Faces of the Fallen's interactive nature has elicited many responses, said Fox, and has at times helped editors gain more information to put back into the project.

"When we're talking about interactivity, this is really what we're talking about," Fox said. "Engaging the reader, and getting into a conversation with them." 

USAToday.com closes with a song

After more than an hour of learning about ways to use databases, flash, video and shared publishing systems, the gathering ended with representatives from USATODAY.com, who showed what can be done by two guys with a digital camera and a digital audio recorder. Oh, and a lot of work during their free time and a week from their boss to apply the finishing touches.

"Sing My Song" was a project conceived, storyboarded and produced by Senior Designer Ron Coddington and Photo Editor Denny Gainer. The two spent 48 hours at West Virginia's New Song Festival near Charles Town, W.Va., talking to entrants and gathering all the audio and still pictures they could get their hands on.

The project, which received a Special Distinction Award at the 2004 Batten Awards for Innovations in Journalism, became a multi-faceted documentary which included about 60 minutes of audio, song lyrics, an in-depth look into the creation of the music, and even an interactive "you pick the winner" feature which, according to Coddington and Gainer, did not exactly please the competition's official judges, when a different winner was frequently chosen online.

"They still link to us on their Web site, though," Coddington said. "So that's a good sign."

The project ended up in the print product as a full-page feature and was praised by the Batten judges as "an exciting template for interactive entertainment news."

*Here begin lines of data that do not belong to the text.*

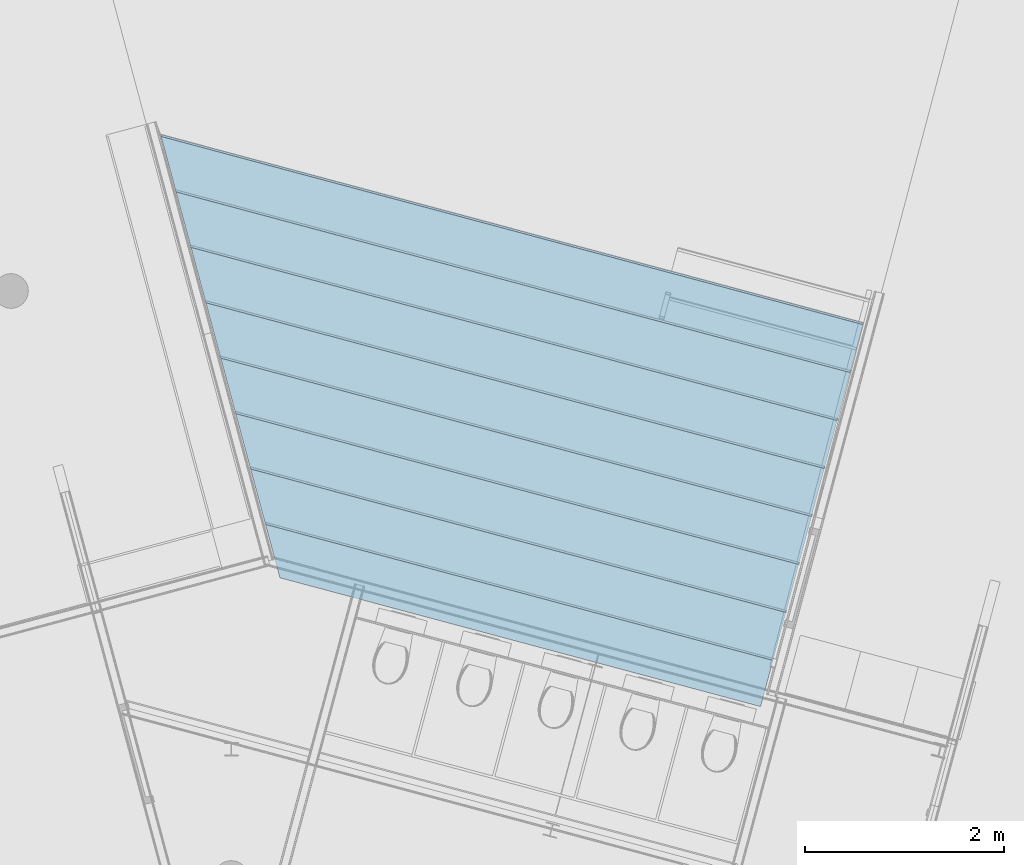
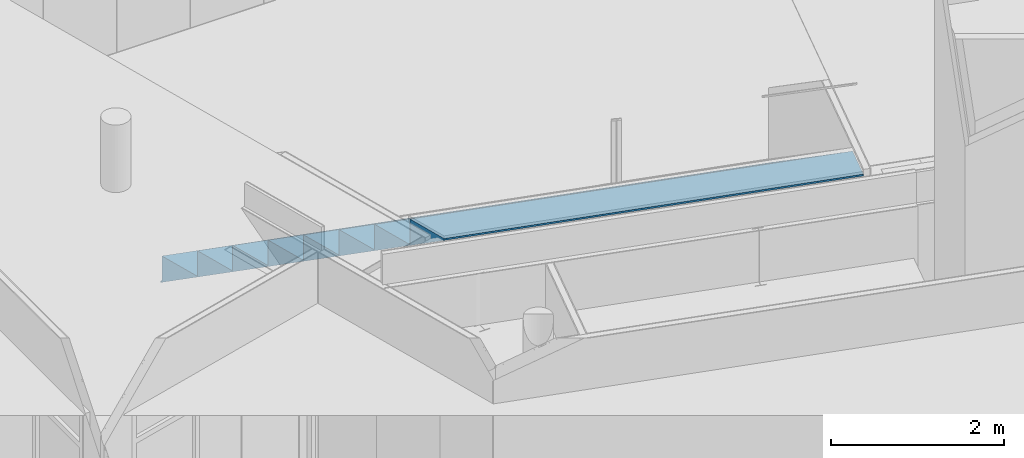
# One storey, part 22 of 167: 1 stair flight, 1 element without a shape of its own.
"""IFC2X3 building model written with IfcOpenShell, lengths in millimetres."""

import ifcopenshell
import ifcopenshell.guid

model = None  # the IFC model being written
_history = None  # IfcOwnerHistory: only IFC2X3 demands one
_inside = {}  # id of a spatial element -> (the spatial element, [elements in it])
_under = {}  # id of a project, library or spatial element -> (it, [spatial elements below it])
_declared = {}  # id of a project -> (the project, [libraries it declares])
_typed = {}  # id of a type object -> (the type object, [elements of that type])
_made_of = {}  # id of a material, layer set ... -> (it, [elements and type objects made of it])


def new_model(schema):
    """Start an empty IFC model of exactly this schema.

    Asked for "IFC4X3", IfcOpenShell would pick the latest addendum, in which some entities
    have other attributes; the version numbers below select the first issue.
    IFC2X3 requires an IfcOwnerHistory on every rooted entity: one is made here for all.
    """
    global model, _history
    if schema == "IFC4X3":
        model = ifcopenshell.file(schema_version=(4, 3, 0, 0))
    else:
        model = ifcopenshell.file(schema=schema)
    _inside.clear()
    _under.clear()
    _declared.clear()
    _typed.clear()
    _made_of.clear()
    _history = None
    if model.schema == "IFC2X3":
        org = make("IfcOrganization", Name="unknown")
        user = make(
            "IfcPersonAndOrganization",
            ThePerson=make("IfcPerson", FamilyName="unknown"),
            TheOrganization=org,
        )
        app = make(
            "IfcApplication",
            ApplicationDeveloper=org,
            Version="unknown",
            ApplicationFullName="unknown",
            ApplicationIdentifier="unknown",
        )
        _history = make(
            "IfcOwnerHistory",
            OwningUser=user,
            OwningApplication=app,
            ChangeAction="ADDED",
            CreationDate=0,
        )
    return model


def make(cls, **values):
    """One entity of the class cls with the attributes given. An attribute that is None is left unset."""
    return model.create_entity(
        cls, **{name: value for name, value in values.items() if value is not None}
    )


def entity(cls, *values):
    """Any entity or typed value of the class cls, its attributes in the order of the schema. None: left unset."""
    e = model.create_entity(cls)
    for i, value in enumerate(values):
        if value is not None:
            e[i] = value
    return e


def rooted(cls, **values):
    """An entity with a GlobalId (a new one), such as an element, a storey or a relation."""
    return make(cls, GlobalId=ifcopenshell.guid.new(), OwnerHistory=_history, **values)


def si_unit(unit_type, name, prefix=None):
    """IfcSIUnit, for example si_unit("LENGTHUNIT", "METRE", prefix="MILLI")."""
    return make("IfcSIUnit", UnitType=unit_type, Prefix=prefix, Name=name)


def converted_unit(unit_type, name, factor, base, dimensions=None, offset=None):
    """IfcConversionBasedUnit, such as the inch: factor (a typed value) times the base unit."""
    return make(
        "IfcConversionBasedUnit"
        if offset is None
        else "IfcConversionBasedUnitWithOffset",
        ConversionOffset=offset,
        Dimensions=None
        if dimensions is None
        else entity("IfcDimensionalExponents", *dimensions),
        UnitType=unit_type,
        Name=name,
        ConversionFactor=make(
            "IfcMeasureWithUnit", ValueComponent=factor, UnitComponent=base
        ),
    )


def derived_unit(unit_type, elements):
    """IfcDerivedUnit: a product of units, each with its exponent."""
    return make(
        "IfcDerivedUnit",
        Elements=[
            make("IfcDerivedUnitElement", Unit=unit, Exponent=power)
            for unit, power in elements
        ],
        UnitType=unit_type,
    )


def money_unit(currency):
    """IfcMonetaryUnit."""
    return make("IfcMonetaryUnit", Currency=currency)


def assignment(units):
    """IfcUnitAssignment: the units of a project."""
    return None if units is None else make("IfcUnitAssignment", Units=units)


def point(xyz):
    """IfcCartesianPoint."""
    return None if xyz is None else make("IfcCartesianPoint", Coordinates=xyz)


def direction(xyz):
    """IfcDirection."""
    return None if xyz is None else make("IfcDirection", DirectionRatios=xyz)


def frame(location, z_axis=None, x_axis=None):
    """IfcAxis2Placement3D, a coordinate frame: its origin and axes. An axis left out is left unset."""
    return make(
        "IfcAxis2Placement3D",
        Location=point(location),
        Axis=direction(z_axis),
        RefDirection=direction(x_axis),
    )


def origin_with_axes():
    """The frame at (0, 0, 0) with the z axis (0, 0, 1) and the x axis (1, 0, 0) written out."""
    return frame((0.0, 0.0, 0.0), z_axis=(0.0, 0.0, 1.0), x_axis=(1.0, 0.0, 0.0))


def place(relative_to, where):
    """IfcLocalPlacement: puts the frame where relative to a parent placement (None: the world)."""
    return make(
        "IfcLocalPlacement", PlacementRelTo=relative_to, RelativePlacement=where
    )


def context(
    kind, dimensions, precision=None, world=None, true_north=None, identifier=None
):
    """IfcGeometricRepresentationContext, for example the 3D "Model" context."""
    return make(
        "IfcGeometricRepresentationContext",
        ContextIdentifier=identifier,
        ContextType=kind,
        CoordinateSpaceDimension=dimensions,
        Precision=precision,
        WorldCoordinateSystem=world,
        TrueNorth=true_north,
    )


def subcontext(parent, identifier, kind, view, scale=None):
    """IfcGeometricRepresentationSubContext, for example "Body" below "Model"."""
    return make(
        "IfcGeometricRepresentationSubContext",
        ContextIdentifier=identifier,
        ContextType=kind,
        ParentContext=parent,
        TargetScale=scale,
        TargetView=view,
    )


def project(units=None, contexts=None):
    """IfcProject with its units and contexts."""
    return rooted(
        "IfcProject",
        Name="project",
        RepresentationContexts=contexts,
        UnitsInContext=assignment(units),
    )


def spatial(cls, under=None, at=None, **own):
    """A site, building, storey or space (cls), placed at a placement, below another one or the project."""
    s = rooted(cls, ObjectPlacement=at, **own)
    if under is not None:
        _under.setdefault(under.id(), (under, []))[1].append(s)
    return s


def faces_of(points, faces, orient=None, outer=None):
    """IfcFace entities. A face is a list of loops; a loop is a list of indices into points, from 0.

    orient and outer hold one flag for each loop. By default every Orientation is true, the
    first loop of a face is its IfcFaceOuterBound and the others are IfcFaceBound.
    """
    made = []
    for i, loops in enumerate(faces):
        bounds = []
        for j, loop in enumerate(loops):
            is_outer = j == 0 if outer is None else outer[i][j]
            bounds.append(
                make(
                    "IfcFaceOuterBound" if is_outer else "IfcFaceBound",
                    Bound=make("IfcPolyLoop", Polygon=[points[k] for k in loop]),
                    Orientation=True if orient is None else orient[i][j],
                )
            )
        made.append(make("IfcFace", Bounds=bounds))
    return made


def faceted_brep(points, faces, orient=None, outer=None, voids=None):
    """IfcFacetedBrep: a solid bounded by flat faces; with voids (closed shells), ...WithVoids."""
    shared = [point(p) for p in points]
    hull = make("IfcClosedShell", CfsFaces=faces_of(shared, faces, orient, outer))
    if voids is None:
        return make("IfcFacetedBrep", Outer=hull)
    return make(
        "IfcFacetedBrepWithVoids",
        Outer=hull,
        Voids=[
            make(cls, CfsFaces=faces_of(shared, fs, o, b)) for cls, fs, o, b in voids
        ],
    )


def shape(context_of_items, identifier, shape_type, items):
    """IfcShapeRepresentation: the items that make up one representation, for example the "Body"."""
    return make(
        "IfcShapeRepresentation",
        ContextOfItems=context_of_items,
        RepresentationIdentifier=identifier,
        RepresentationType=shape_type,
        Items=items,
    )


def material(Name=None, Category=None):
    """IfcMaterial."""
    return make("IfcMaterial", Name=Name, Category=Category)


def made_of(thing, what):
    """Note that an element or type object is made of a material, layer set ...; save() writes the relation."""
    if what is not None:
        _made_of.setdefault(what.id(), (what, []))[1].append(thing)
    return thing


def type_object(cls, material=None, **own):
    """A type object (cls), such as IfcWallType, which elements share."""
    return made_of(rooted(cls, **own), material)


def element(
    cls,
    number,
    at=None,
    inside=None,
    cuts=None,
    type_object=None,
    material=None,
    context=None,
    identifier="Body",
    shape_type=None,
    held_by="IfcProductDefinitionShape",
    body=None,
    shapes=None,
    **own,
):
    """One element of the class cls, such as IfcWall. Its Tag is "e" and its number.

    at: its placement. inside: the storey or other place that contains it. cuts: it is an
    opening in that element (IfcRelVoidsElement). A single representation is given by context,
    identifier, shape_type and body (its items); several are given by shapes. held_by: the class
    of the entity that holds the representations. save() writes the other relations.
    """
    e = rooted(cls, Tag="e%d" % number, ObjectPlacement=at, **own)
    if body is not None:
        shapes = [shape(context, identifier, shape_type, body)]
    if shapes is not None:
        e.Representation = make(held_by, Representations=shapes)
    if inside is not None:
        _inside.setdefault(inside.id(), (inside, []))[1].append(e)
    if cuts is not None:
        rooted(
            "IfcRelVoidsElement", RelatingBuildingElement=cuts, RelatedOpeningElement=e
        )
    if type_object is not None:
        _typed.setdefault(type_object.id(), (type_object, []))[1].append(e)
    return made_of(e, material)


def aggregate(whole, parts):
    """IfcRelAggregates: a whole, such as a stair, and the parts it consists of."""
    return rooted("IfcRelAggregates", RelatingObject=whole, RelatedObjects=parts)


def save(model, path):
    """Write the relations noted so far, then the file.

    IfcRelAggregates (storeys below a building ...), IfcRelContainedInSpatialStructure (elements
    in a storey), IfcRelDefinesByType, IfcRelAssociatesMaterial and IfcRelDeclares: one each for
    every whole, place, type object, material and project.
    """
    for whole, parts in _under.values():
        aggregate(whole, parts)
    for where, things in _inside.values():
        rooted(
            "IfcRelContainedInSpatialStructure",
            RelatedElements=things,
            RelatingStructure=where,
        )
    for kind, things in _typed.values():
        rooted("IfcRelDefinesByType", RelatedObjects=things, RelatingType=kind)
    for what, things in _made_of.values():
        rooted("IfcRelAssociatesMaterial", RelatedObjects=things, RelatingMaterial=what)
    for by, libraries in _declared.values():
        rooted("IfcRelDeclares", RelatingContext=by, RelatedDefinitions=libraries)
    model.write(path)


model = new_model("IFC2X3")

# Units and contexts
model_context = context("Model", 3, precision=0.01, world=origin_with_axes(), true_north=direction((0.0, 1.0)))
plan_context = context("Plan", 3, precision=0.01, world=origin_with_axes(), true_north=direction((0.0, 1.0)))
body_context = subcontext(model_context, "Body", "Model", "MODEL_VIEW")
ifc_project = project(units=[si_unit("LENGTHUNIT", "METRE", prefix="MILLI"), si_unit("AREAUNIT", "SQUARE_METRE"), si_unit("VOLUMEUNIT", "CUBIC_METRE"), converted_unit("PLANEANGLEUNIT", "DEGREE", entity("IfcPlaneAngleMeasure", 0.0174532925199), si_unit("PLANEANGLEUNIT", "RADIAN"), dimensions=[0, 0, 0, 0, 0, 0, 0]), si_unit("SOLIDANGLEUNIT", "STERADIAN"), money_unit("EUR"), converted_unit("TIMEUNIT", "Year", entity("IfcTimeMeasure", 31556926.0), si_unit("TIMEUNIT", "SECOND"), dimensions=[0, 0, 1, 0, 0, 0, 0]), si_unit("MASSUNIT", "GRAM", prefix="KILO"), si_unit("THERMODYNAMICTEMPERATUREUNIT", "DEGREE_CELSIUS"), si_unit("LUMINOUSINTENSITYUNIT", "LUMEN"), si_unit("ENERGYUNIT", "JOULE", prefix="MEGA"), derived_unit("THERMALCONDUCTANCEUNIT", [(si_unit("POWERUNIT", "WATT"), 1), (si_unit("LENGTHUNIT", "METRE"), -1), (si_unit("THERMODYNAMICTEMPERATUREUNIT", "KELVIN"), -1)]), derived_unit("SPECIFICHEATCAPACITYUNIT", [(si_unit("ENERGYUNIT", "JOULE"), 1), (si_unit("MASSUNIT", "GRAM", prefix="KILO"), -1), (si_unit("THERMODYNAMICTEMPERATUREUNIT", "KELVIN"), -1)]), derived_unit("MASSDENSITYUNIT", [(si_unit("MASSUNIT", "GRAM", prefix="KILO"), 1), (si_unit("VOLUMEUNIT", "CUBIC_METRE"), -1)])], contexts=[model_context, plan_context])

# Site, building, storey
site_placement = place(None, origin_with_axes())
site = spatial("IfcSite", under=ifc_project, at=site_placement, Name="Site", CompositionType="ELEMENT")
building_placement = place(site_placement, origin_with_axes())
building = spatial("IfcBuilding", under=site, at=building_placement, Name="Naam gebouw", CompositionType="ELEMENT")
storey_placement = place(building_placement, origin_with_axes())
storey = spatial("IfcBuildingStorey", under=building, at=storey_placement, Name="Begane grond", CompositionType="ELEMENT", Elevation=0.0)

# Stair, stair flight
stair_placement = place(storey_placement, frame((20763.4047106, 18904.1199995, 0.0), z_axis=(0.0, 0.0, 1.0), x_axis=(0.980577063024, 0.196134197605, 0.0)))
stair = element("IfcStair", 1, at=stair_placement, inside=storey, Name="_Trap_Trap-x", ShapeType="NOTDEFINED")
ifc_material = material(Name="Beton C")
stair_flight_type = type_object("IfcStairFlightType", Name="IfcStairFlight", PredefinedType="NOTDEFINED")
stair_flight_placement = place(stair_placement, origin_with_axes())
stair_flight = element("IfcStairFlight", 2, at=stair_flight_placement, type_object=stair_flight_type, material=ifc_material, Name="_Trapsegment_Trapsegment-x", context=body_context, shape_type="Brep", body=[
    faceted_brep([(-44.3243105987, -89.6401444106, 8.6456625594), (-36.9369254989, -74.7001203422, -3.3543374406), (0.0, 0.0, -63.3543374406), (0.0, 0.0, -38.0), (-8.02270076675, -16.2248658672, -38.0), (-8.02270076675, -16.2248658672, 322.0), (-229.644253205, -464.425588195, 322.0), (-229.644253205, -464.425588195, 682.0), (-451.265806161, -912.626310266, 682.0), (-451.265806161, -912.626310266, 1042.0), (-672.88735924, -1360.82703228, 1042.0), (-672.88735924, -1360.82703228, 1402.0), (-894.508910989, -1809.02775495, 1402.0), (-894.508910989, -1809.02775495, 1762.0), (-1116.13046614, -2257.22847593, 1762.0), (-1116.13046614, -2257.22847593, 2122.0), (-1337.75201901, -2705.42919805, 2122.0), (-1337.75201901, -2705.42919805, 2482.0), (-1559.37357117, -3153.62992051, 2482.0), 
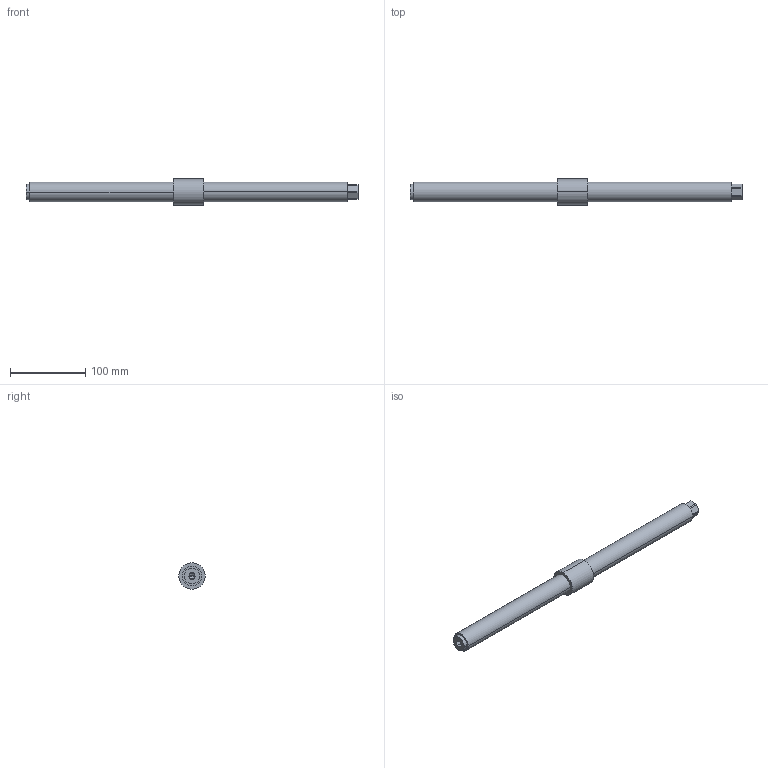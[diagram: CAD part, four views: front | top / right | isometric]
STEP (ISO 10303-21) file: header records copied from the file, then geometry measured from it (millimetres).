
FILE_DESCRIPTION (( 'STEP AP214' ), '1' );
FILE_NAME ('81004.STEP', '2020-10-28T06:51:04', ( '' ), ( '' ), 'SwSTEP 2.0', 'SolidWorks 2019', '' );
FILE_SCHEMA (( 'AUTOMOTIVE_DESIGN' ));
Length unit declared in the file: millimetre
Products named in the file (1): 81004
Bounding box: 441 x 35 x 35 mm (x, y, z)
Volume: 248566.7 mm3; surface area: 46838.3 mm2
Topology: 3 solids, 3 shells, 53 faces, 125 edges, 80 vertices
Faces by surface type: plane 28, cylinder 21, cone 4
Entity records: 2140 total; most frequent: DIRECTION 271, CARTESIAN_POINT 255, ORIENTED_EDGE 242, EDGE_CURVE 121, AXIS2_PLACEMENT_3D 96, VERTEX_POINT 80, LINE 79, VECTOR 79

Coddington and Gainer showcased some other templates they have developed for covering breaking news and scheduled news events, including the Democratic and Republican conventions. The coverage featured numerous photo galleries and audio from inside and outside the convention halls. The templated nature of these packages is key, said Gainer.

"I can't emphasize enough the planning time that is required, " Gainer said. "In the case of the conventions, we had maybe four or five get-togethers to look at PhotoShop mock-ups and then take that into a working flash model and then getting comments from all the people that were going to get involved in gathering information and producing it whether they were going to be out in the field or in the office. [It's important] to talk through all the pieces [and try] to ask the smart questions so we didn't have those surprises. The worst-case scenario is you have a deadline and you're scrambling to make major changes to your template."